P(Spam|message): 1.3476009873135234e-25
P(Ham|message): 1.9365368329766623e-27
Label: Spam


In [31]:
classify("Sounds good, Tom, then see u there")

P(Spam|message): 2.4364950561289247e-25
P(Ham|message): 3.687133462921691e-21
Label: Ham


## Test algorithm on test data

In the previous step we managed to create a spam filter, and we classified two new messages. We'll now try to determine how well the spam filter does on our test set of 1,114 messages.

The algorithm will output a classification label for every message in our test set, which we'll be able to compare with the actual label (given by a human). Note that, in training, our algorithm didn't see these 1,114 messages, so every message in the test set is practically new from the perspective of the algorithm.

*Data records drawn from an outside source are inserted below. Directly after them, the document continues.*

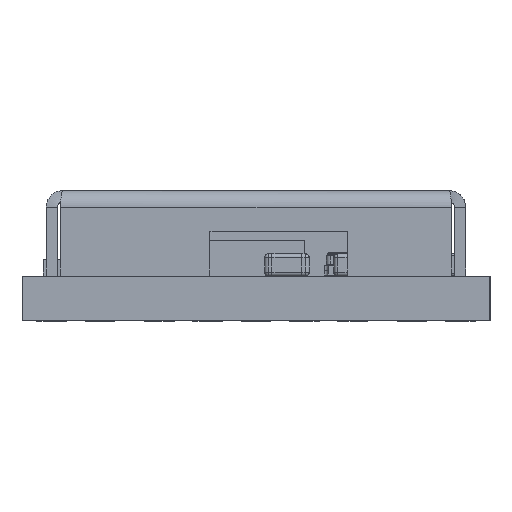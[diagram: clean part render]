
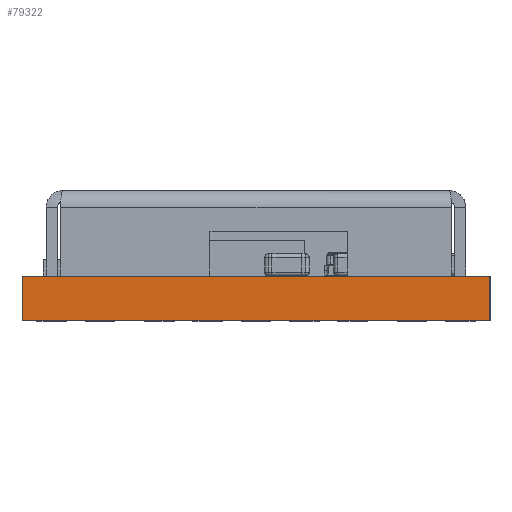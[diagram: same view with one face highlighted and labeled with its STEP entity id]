
A CAD part, left-side view. The second image highlights one B-rep face of the part: STEP entity #79322.
In plain terms, the highlighted planar face has unit normal (-1, 0, 0).
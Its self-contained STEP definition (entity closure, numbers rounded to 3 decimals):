
#2548 = PLANE ( 'NONE',  #50022 ) ;
#5201 = ORIENTED_EDGE ( 'NONE', *, *, #11178, .F. ) ;
#9451 = DIRECTION ( 'NONE',  ( -1., 0., 0. ) ) ;
#11178 = EDGE_CURVE ( 'NONE', #70584, #70020, #26123, .T. ) ;
#11504 = ORIENTED_EDGE ( 'NONE', *, *, #81267, .F. ) ;
#12165 = DIRECTION ( 'NONE',  ( 0., 1., 0. ) ) ;
#13451 = CARTESIAN_POINT ( 'NONE',  ( 0., 0., -0.599 ) ) ;
#21618 = VERTEX_POINT ( 'NONE', #57931 ) ;
#23887 = DIRECTION ( 'NONE',  ( 0., 0., 1. ) ) ;
#23904 = VECTOR ( 'NONE', #41733, 1000. ) ;
#26123 = LINE ( 'NONE', #54428, #89894 ) ;
#26649 = VECTOR ( 'NONE', #38332, 1000. ) ;
#33554 = DIRECTION ( 'NONE',  ( 0., 1., 0. ) ) ;
#38332 = DIRECTION ( 'NONE',  ( 0., 0., 1. ) ) ;
#40382 = LINE ( 'NONE', #13451, #23904 ) ;
#41733 = DIRECTION ( 'NONE',  ( 0., 0., 1. ) ) ;
#47562 = CARTESIAN_POINT ( 'NONE',  ( 0., 0., 0. ) ) ;
#50022 = AXIS2_PLACEMENT_3D ( 'NONE', #60424, #9451, #23887 ) ;
#50293 = ORIENTED_EDGE ( 'NONE', *, *, #70271, .T. ) ;
#53268 = VECTOR ( 'NONE', #33554, 1000. ) ;
#53572 = FACE_OUTER_BOUND ( 'NONE', #73875, .T. ) ;
#54428 = CARTESIAN_POINT ( 'NONE',  ( 0., 0., -0.599 ) ) ;
#57931 = CARTESIAN_POINT ( 'NONE',  ( 0., 0., 0. ) ) ;
#60412 = CARTESIAN_POINT ( 'NONE',  ( 0., 6.3, 0. ) ) ;
#60424 = CARTESIAN_POINT ( 'NONE',  ( 0., 0., -0.599 ) ) ;
#62883 = LINE ( 'NONE', #65121, #26649 ) ;
#64613 = ORIENTED_EDGE ( 'NONE', *, *, #68486, .T. ) ;
#65121 = CARTESIAN_POINT ( 'NONE',  ( 0., 6.3, -0.599 ) ) ;
#66328 = CARTESIAN_POINT ( 'NONE',  ( 0., 6.3, -0.599 ) ) ;
#68486 = EDGE_CURVE ( 'NONE', #21618, #78534, #68725, .T. ) ;
#68725 = LINE ( 'NONE', #47562, #53268 ) ;
#70020 = VERTEX_POINT ( 'NONE', #66328 ) ;
#70271 = EDGE_CURVE ( 'NONE', #70584, #21618, #40382, .T. ) ;
#70584 = VERTEX_POINT ( 'NONE', #91581 ) ;
#73875 = EDGE_LOOP ( 'NONE', ( #50293, #64613, #11504, #5201 ) ) ;
#78534 = VERTEX_POINT ( 'NONE', #60412 ) ;
#79322 = ADVANCED_FACE ( 'NONE', ( #53572 ), #2548, .T. ) ;
#81267 = EDGE_CURVE ( 'NONE', #70020, #78534, #62883, .T. ) ;
#89894 = VECTOR ( 'NONE', #12165, 1000. ) ;
#91581 = CARTESIAN_POINT ( 'NONE',  ( 0., 0., -0.599 ) ) ;

First off, we'll change the classify() function that we wrote previously to return the labels instead of printing them. Below, note that we now have return statements instead of print() functions

In [32]:
def classify_test_set(message):

    message = re.sub('\W', ' ', message)
    message = message.lower()
    message = message.split()

    p_spam_given_message = p_spam
    p_ham_given_message = p_ham

    for word in message:
        if word in parameters_spam:
            p_spam_given_message *= parameters_spam[word]

        if word in parameters_ham:
            p_ham_given_message *= parameters_ham[word]

    if p_ham_given_message > p_spam_given_message:
        return 'ham'
    elif p_spam_given_message > p_ham_given_message:
        return 'spam'
    else:
        return 'needs human classification'

In [34]:
test_data['predicted'] = test_data['SMS'].apply(classify_test_set)
test_data.head()

Unnamed: 0,index,Label,SMS,predicted
0,3418,ham,But i haf enuff space got like 4 mb...,ham
1,3424,spam,Had your mobile 10 mths? Update to latest Oran...,spam
2,1538,ham,All sounds good. Fingers . Makes it difficult ...,ham
3,5393,ham,"All done, all handed in. Don't know if mega sh...",ham
4,2744,ham,But my family not responding for anything. Now...,ham


Now we can compare the predicted values with the actual values to measure how good our spam filter is with classifying new messages. To make the measurement, we'll use accuracy as a metric

In [39]:
correct = 0
total = len(test_data)

for index, row in test_data.iterrows():
    if row['Label'] == row['predicted']:
        correct += 1
print('Accuracy is {0}%'.format(round(correct/total*100, 0)))

Accuracy is 99.0%


## Conclusion

In this project, we managed to build a spam filter for SMS messages using the multinomial Naive Bayes algorithm. The filter had an accuracy of 99% on the test set, which is an excellent result. We initially aimed for an accuracy of over 80%, but we managed to do way better than that.

## Future work

- Isolate the 14 messages that were classified incorrectly and try to figure out why the algorithm reached the wrong conclusions.
- Make the filtering process more complex by making the algorithm sensitive to letter case.